_EXERCISE INSTRUCTIONS_:
Without including any pictures, copy every line below exactly.

_EXTRACTED INFORMATION_:

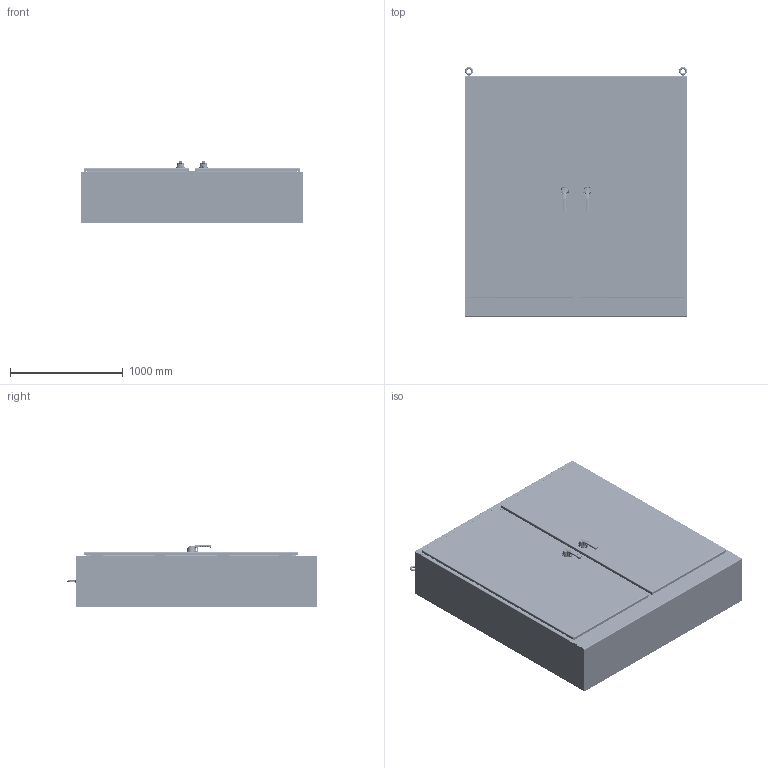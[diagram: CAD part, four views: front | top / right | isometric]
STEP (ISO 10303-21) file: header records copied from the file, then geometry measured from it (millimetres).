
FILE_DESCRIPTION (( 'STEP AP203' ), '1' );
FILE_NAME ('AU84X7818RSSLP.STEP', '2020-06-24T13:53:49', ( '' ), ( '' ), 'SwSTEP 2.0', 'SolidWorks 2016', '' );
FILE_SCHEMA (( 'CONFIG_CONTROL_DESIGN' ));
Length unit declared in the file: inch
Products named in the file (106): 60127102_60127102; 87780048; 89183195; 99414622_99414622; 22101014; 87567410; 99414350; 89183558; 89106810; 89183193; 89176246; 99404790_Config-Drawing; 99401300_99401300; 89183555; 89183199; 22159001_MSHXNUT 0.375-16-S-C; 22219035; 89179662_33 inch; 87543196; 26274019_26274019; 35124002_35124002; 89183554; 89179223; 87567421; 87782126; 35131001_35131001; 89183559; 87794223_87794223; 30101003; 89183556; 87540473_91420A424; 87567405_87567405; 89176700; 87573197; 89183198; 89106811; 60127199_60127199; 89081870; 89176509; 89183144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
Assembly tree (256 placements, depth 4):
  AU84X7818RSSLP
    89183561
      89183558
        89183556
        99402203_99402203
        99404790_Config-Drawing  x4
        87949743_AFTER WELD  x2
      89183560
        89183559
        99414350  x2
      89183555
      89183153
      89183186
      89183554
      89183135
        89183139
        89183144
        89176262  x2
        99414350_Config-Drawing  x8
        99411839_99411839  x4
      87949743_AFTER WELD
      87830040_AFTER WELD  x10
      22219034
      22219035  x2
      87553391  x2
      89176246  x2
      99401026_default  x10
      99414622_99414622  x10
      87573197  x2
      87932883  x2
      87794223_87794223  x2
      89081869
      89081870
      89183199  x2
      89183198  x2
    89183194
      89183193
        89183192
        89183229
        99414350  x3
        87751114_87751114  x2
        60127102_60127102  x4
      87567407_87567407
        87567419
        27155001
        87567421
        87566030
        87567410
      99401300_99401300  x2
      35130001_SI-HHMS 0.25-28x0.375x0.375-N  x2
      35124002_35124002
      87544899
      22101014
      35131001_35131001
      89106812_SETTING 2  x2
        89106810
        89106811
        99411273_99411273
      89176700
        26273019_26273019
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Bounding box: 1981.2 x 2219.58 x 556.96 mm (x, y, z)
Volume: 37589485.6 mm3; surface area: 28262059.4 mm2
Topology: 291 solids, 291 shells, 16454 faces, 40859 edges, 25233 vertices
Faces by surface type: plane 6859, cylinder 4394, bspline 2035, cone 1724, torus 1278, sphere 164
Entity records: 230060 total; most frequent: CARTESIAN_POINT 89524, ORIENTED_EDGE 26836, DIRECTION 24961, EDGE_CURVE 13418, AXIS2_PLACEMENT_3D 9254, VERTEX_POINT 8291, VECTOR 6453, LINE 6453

_RESPONSE BELOW_:
[diagram: CAD part, four views: front | top / right | isometric]
STEP (ISO 10303-21) file: header records copied from the file, then geometry measured from it (millimetres).
FILE_DESCRIPTION (( 'STEP AP203' ), '1' );
FILE_NAME ('AU84X7818RSSLP.STEP', '2020-06-24T13:53:49', ( '' ), ( '' ), 'SwSTEP 2.0', 'SolidWorks 2016', '' );
FILE_SCHEMA (( 'CONFIG_CONTROL_DESIGN' ));
Length unit declared in the file: inch
Products named in the file (106): 60127102_60127102; 87780048; 89183195; 99414622_99414622; 22101014; 87567410; 99414350; 89183558; 89106810; 89183193; 89176246; 99404790_Config-Drawing; 99401300_99401300; 89183555; 89183199; 22159001_MSHXNUT 0.375-16-S-C; 22219035; 89179662_33 inch; 87543196; 26274019_26274019; 35124002_35124002; 89183554; 89179223; 87567421; 87782126; 35131001_35131001; 89183559; 87794223_87794223; 30101003; 89183556; 87540473_91420A424; 87567405_87567405; 89176700; 87573197; 89183198; 89106811; 60127199_60127199; 89081870; 89176509; 89183144
Assembly tree (256 placements, depth 4):
  AU84X7818RSSLP
    89183561
      89183558
        89183556
        99402203_99402203
        99404790_Config-Drawing  x4
        87949743_AFTER WELD  x2
      89183560
        89183559
        99414350  x2
      89183555
      89183153
      89183186
      89183554
      89183135
        89183139
        89183144
        89176262  x2
        99414350_Config-Drawing  x8
        99411839_99411839  x4
      87949743_AFTER WELD
      87830040_AFTER WELD  x10
      22219034
      22219035  x2
      87553391  x2
      89176246  x2
      99401026_default  x10
      99414622_99414622  x10
      87573197  x2
      87932883  x2
      87794223_87794223  x2
      89081869
      89081870
      89183199  x2
      89183198  x2
    89183194
      89183193
        89183192
        89183229
        99414350  x3
        87751114_87751114  x2
        60127102_60127102  x4
      87567407_87567407
        87567419
        27155001
        87567421
        87566030
        87567410
      99401300_99401300  x2
      35130001_SI-HHMS 0.25-28x0.375x0.375-N  x2
      35124002_35124002
      87544899
      22101014
      35131001_35131001
      89106812_SETTING 2  x2
        89106810
        89106811
        99411273_99411273
      89176700
        26273019_26273019
Bounding box: 1981.2 x 2219.58 x 556.96 mm (x, y, z)
Volume: 37589485.6 mm3; surface area: 28262059.4 mm2
Topology: 291 solids, 291 shells, 16454 faces, 40859 edges, 25233 vertices
Faces by surface type: plane 6859, cylinder 4394, bspline 2035, cone 1724, torus 1278, sphere 164
Entity records: 230060 total; most frequent: CARTESIAN_POINT 89524, ORIENTED_EDGE 26836, DIRECTION 24961, EDGE_CURVE 13418, AXIS2_PLACEMENT_3D 9254, VERTEX_POINT 8291, VECTOR 6453, LINE 6453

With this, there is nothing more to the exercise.